◆ WHAT THE TASK ASKS ◆
Output every line of the listing as it stands.
INPUT MATERIAL Start Marker
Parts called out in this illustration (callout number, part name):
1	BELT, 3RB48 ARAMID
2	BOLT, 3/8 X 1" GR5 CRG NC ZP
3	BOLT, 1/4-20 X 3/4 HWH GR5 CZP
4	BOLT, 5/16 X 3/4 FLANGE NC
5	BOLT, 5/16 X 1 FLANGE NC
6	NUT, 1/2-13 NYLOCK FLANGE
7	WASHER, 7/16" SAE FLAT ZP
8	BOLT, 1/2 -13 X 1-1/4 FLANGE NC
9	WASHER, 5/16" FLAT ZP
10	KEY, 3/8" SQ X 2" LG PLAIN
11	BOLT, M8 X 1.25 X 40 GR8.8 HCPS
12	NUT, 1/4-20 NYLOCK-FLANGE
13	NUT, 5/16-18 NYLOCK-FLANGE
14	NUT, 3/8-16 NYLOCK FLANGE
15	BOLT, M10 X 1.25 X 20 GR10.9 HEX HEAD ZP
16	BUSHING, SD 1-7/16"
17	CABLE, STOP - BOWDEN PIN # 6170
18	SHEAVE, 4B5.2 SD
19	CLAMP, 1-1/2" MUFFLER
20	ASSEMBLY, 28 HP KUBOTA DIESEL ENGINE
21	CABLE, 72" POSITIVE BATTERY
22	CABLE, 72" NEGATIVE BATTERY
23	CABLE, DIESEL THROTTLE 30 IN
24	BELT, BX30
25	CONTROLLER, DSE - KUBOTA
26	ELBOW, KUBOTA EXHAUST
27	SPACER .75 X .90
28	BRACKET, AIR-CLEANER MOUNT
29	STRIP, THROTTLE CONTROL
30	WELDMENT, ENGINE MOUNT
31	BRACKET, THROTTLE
INPUT MATERIAL End Marker
◆ RESPONSE TO THIS TASK ◆
Parts called out in this illustration (callout number, part name):
1	BELT, 3RB48 ARAMID
2	BOLT, 3/8 X 1" GR5 CRG NC ZP
3	BOLT, 1/4-20 X 3/4 HWH GR5 CZP
4	BOLT, 5/16 X 3/4 FLANGE NC
5	BOLT, 5/16 X 1 FLANGE NC
6	NUT, 1/2-13 NYLOCK FLANGE
7	WASHER, 7/16" SAE FLAT ZP
8	BOLT, 1/2 -13 X 1-1/4 FLANGE NC
9	WASHER, 5/16" FLAT ZP
10	KEY, 3/8" SQ X 2" LG PLAIN
11	BOLT, M8 X 1.25 X 40 GR8.8 HCPS
12	NUT, 1/4-20 NYLOCK-FLANGE
13	NUT, 5/16-18 NYLOCK-FLANGE
14	NUT, 3/8-16 NYLOCK FLANGE
15	BOLT, M10 X 1.25 X 20 GR10.9 HEX HEAD ZP
16	BUSHING, SD 1-7/16"
17	CABLE, STOP - BOWDEN PIN # 6170
18	SHEAVE, 4B5.2 SD
19	CLAMP, 1-1/2" MUFFLER
20	ASSEMBLY, 28 HP KUBOTA DIESEL ENGINE
21	CABLE, 72" POSITIVE BATTERY
22	CABLE, 72" NEGATIVE BATTERY
23	CABLE, DIESEL THROTTLE 30 IN
24	BELT, BX30
25	CONTROLLER, DSE - KUBOTA
26	ELBOW, KUBOTA EXHAUST
27	SPACER .75 X .90
28	BRACKET, AIR-CLEANER MOUNT
29	STRIP, THROTTLE CONTROL
30	WELDMENT, ENGINE MOUNT
31	BRACKET, THROTTLE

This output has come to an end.